### Task requirements
Keep the pictures out of the copy and repeat the records exactly.

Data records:

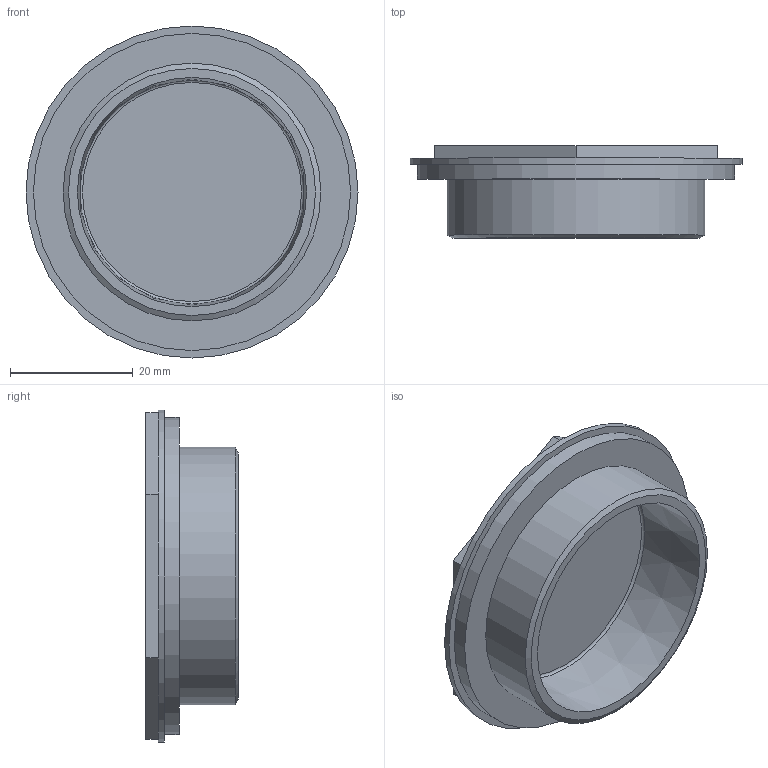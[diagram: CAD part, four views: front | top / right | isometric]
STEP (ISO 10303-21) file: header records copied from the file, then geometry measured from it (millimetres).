
FILE_DESCRIPTION( ( 'STEP AP203' ), '1' );
FILE_NAME( 'C:/Temp/Ganter_Step_05_03_2020/data/3_5/tlt/Oil Level Sight Glass TLT-G11_4.stp', '2020-03-12T13:43:33', ( 'License CC BY-ND 4.0' ), ( 'CADENAS' ), ' ', 'PARTsolutions', ' ' );
FILE_SCHEMA( ( 'CONFIG_CONTROL_DESIGN' ) );
Length unit declared in the file: millimetre
Products named in the file (1): _Oil Level Sight Glass TLT-G11/4
Bounding box: 54 x 15 x 54 mm (x, y, z)
Volume: 9228.2 mm3; surface area: 8127.8 mm2
Topology: 1 solids, 1 shells, 20 faces, 38 edges, 25 vertices
Faces by surface type: plane 13, cone 3, cylinder 3, torus 1
Full cylindrical faces by diameter (mm): 41.91 x1, 51.582 x1, 54 x1
Entity records: 506 total; most frequent: DIRECTION 84, CARTESIAN_POINT 75, ORIENTED_EDGE 60, AXIS2_PLACEMENT_3D 33, EDGE_LOOP 32, EDGE_CURVE 30, FACE_OUTER_BOUND 24, VERTEX_POINT 24

### The completed task
[diagram: CAD part, four views: front | top / right | isometric]
STEP (ISO 10303-21) file: header records copied from the file, then geometry measured from it (millimetres).
FILE_DESCRIPTION( ( 'STEP AP203' ), '1' );
FILE_NAME( 'C:/Temp/Ganter_Step_05_03_2020/data/3_5/tlt/Oil Level Sight Glass TLT-G11_4.stp', '2020-03-12T13:43:33', ( 'License CC BY-ND 4.0' ), ( 'CADENAS' ), ' ', 'PARTsolutions', ' ' );
FILE_SCHEMA( ( 'CONFIG_CONTROL_DESIGN' ) );
Length unit declared in the file: millimetre
Products named in the file (1): _Oil Level Sight Glass TLT-G11/4
Bounding box: 54 x 15 x 54 mm (x, y, z)
Volume: 9228.2 mm3; surface area: 8127.8 mm2
Topology: 1 solids, 1 shells, 20 faces, 38 edges, 25 vertices
Faces by surface type: plane 13, cone 3, cylinder 3, torus 1
Full cylindrical faces by diameter (mm): 41.91 x1, 51.582 x1, 54 x1
Entity records: 506 total; most frequent: DIRECTION 84, CARTESIAN_POINT 75, ORIENTED_EDGE 60, AXIS2_PLACEMENT_3D 33, EDGE_LOOP 32, EDGE_CURVE 30, FACE_OUTER_BOUND 24, VERTEX_POINT 24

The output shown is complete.